_WHAT THIS TASK INVOLVES_
Go through the records below and set each one down exactly, leaving out any pictures.

_EXTRACTED RECORDS_
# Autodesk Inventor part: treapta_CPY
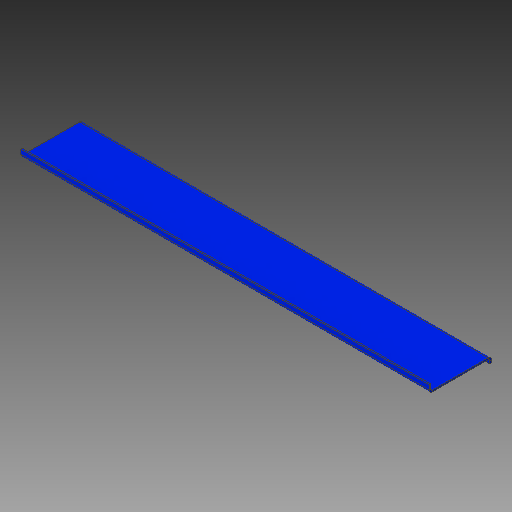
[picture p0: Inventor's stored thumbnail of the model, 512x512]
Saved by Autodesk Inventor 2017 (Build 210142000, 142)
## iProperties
Created: 2017-11
Part Number: treapta_CPY
Material: Generic
Document SubType Name: Sheet Metal
Designer: iusti
Density: 1 g/cm^3
Sheet Metal Rule: Default_mm
Appearance: Default
Author: iusti
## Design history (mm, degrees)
node "Contour Flange1"
  sketch "Sketch1"
    geometry: L1 (20.807, 182.422)-(0.807, 182.422); L2 (0.807, 182.422)-(0.807, -17.578); L3 (0.807, -17.578)-(-19.193, -17.578); 1 further point
    constraints: 6 end point, 2 perpendicular, 1 horizontal
    dimensions: "d0" = 20 distance of L1.start L1.end; "d1" = 20 distance of L2.end L3.end; "d2" = 200 distance of L1.end L2.end
body "Solid1"
face "Plate1" dims "d3" = 5 (= BendReliefWidth), "d4" = 2.5 (= BendReliefDepth), "d5" = 10 (= MinimumRemnant), "d6" = 5 (= BendRadius), "d7" = 1350, "d8" = 5 (= BendRadius), "d9" = 0.5, "d10" = 20 (= CornerReliefSize), "d11" = 5 (= GapSize), "d12" = 5 (= JacobiRadiusSize), "SeamGap" = 0.01, "Thickness" = 5 (derived)
bend "Bend1" dims "d3" = 5 (= BendReliefWidth), "d4" = 2.5 (= BendReliefDepth), "d5" = 10 (= MinimumRemnant), "d6" = 5 (= BendRadius), "d8" = 5 (= BendRadius), "d9" = 0.5, "SeamGap" = 0.01, "Thickness" = 5 (derived)
feature "Corner1" dims "d9" = 0.5, "d10" = 20 (= CornerReliefSize), "d11" = 5 (= GapSize), "d12" = 5 (= JacobiRadiusSize)
other parameters: "BendRadius" = 5 (= Thickness), "BendReliefWidth" = 5 (= Thickness), "BendReliefDepth" = 2.5 (= 0.5 x Thickness), "TransitionRadius" = 5 (= BendRadius), "JacobiRadiusSize" = 5 (= BendRadius), "GapSize" = 5 (= Thickness)

_TASK RESPONSE_
# Autodesk Inventor part: treapta_CPY
[picture p0: Inventor's stored thumbnail of the model, 512x512]
Saved by Autodesk Inventor 2017 (Build 210142000, 142)
## iProperties
Created: 2017-11
Part Number: treapta_CPY
Material: Generic
Document SubType Name: Sheet Metal
Designer: iusti
Density: 1 g/cm^3
Sheet Metal Rule: Default_mm
Appearance: Default
Author: iusti
## Design history (mm, degrees)
node "Contour Flange1"
  sketch "Sketch1"
    geometry: L1 (20.807, 182.422)-(0.807, 182.422); L2 (0.807, 182.422)-(0.807, -17.578); L3 (0.807, -17.578)-(-19.193, -17.578); 1 further point
    constraints: 6 end point, 2 perpendicular, 1 horizontal
    dimensions: "d0" = 20 distance of L1.start L1.end; "d1" = 20 distance of L2.end L3.end; "d2" = 200 distance of L1.end L2.end
body "Solid1"
face "Plate1" dims "d3" = 5 (= BendReliefWidth), "d4" = 2.5 (= BendReliefDepth), "d5" = 10 (= MinimumRemnant), "d6" = 5 (= BendRadius), "d7" = 1350, "d8" = 5 (= BendRadius), "d9" = 0.5, "d10" = 20 (= CornerReliefSize), "d11" = 5 (= GapSize), "d12" = 5 (= JacobiRadiusSize), "SeamGap" = 0.01, "Thickness" = 5 (derived)
bend "Bend1" dims "d3" = 5 (= BendReliefWidth), "d4" = 2.5 (= BendReliefDepth), "d5" = 10 (= MinimumRemnant), "d6" = 5 (= BendRadius), "d8" = 5 (= BendRadius), "d9" = 0.5, "SeamGap" = 0.01, "Thickness" = 5 (derived)
feature "Corner1" dims "d9" = 0.5, "d10" = 20 (= CornerReliefSize), "d11" = 5 (= GapSize), "d12" = 5 (= JacobiRadiusSize)
other parameters: "BendRadius" = 5 (= Thickness), "BendReliefWidth" = 5 (= Thickness), "BendReliefDepth" = 2.5 (= 0.5 x Thickness), "TransitionRadius" = 5 (= BendRadius), "JacobiRadiusSize" = 5 (= BendRadius), "GapSize" = 5 (= Thickness)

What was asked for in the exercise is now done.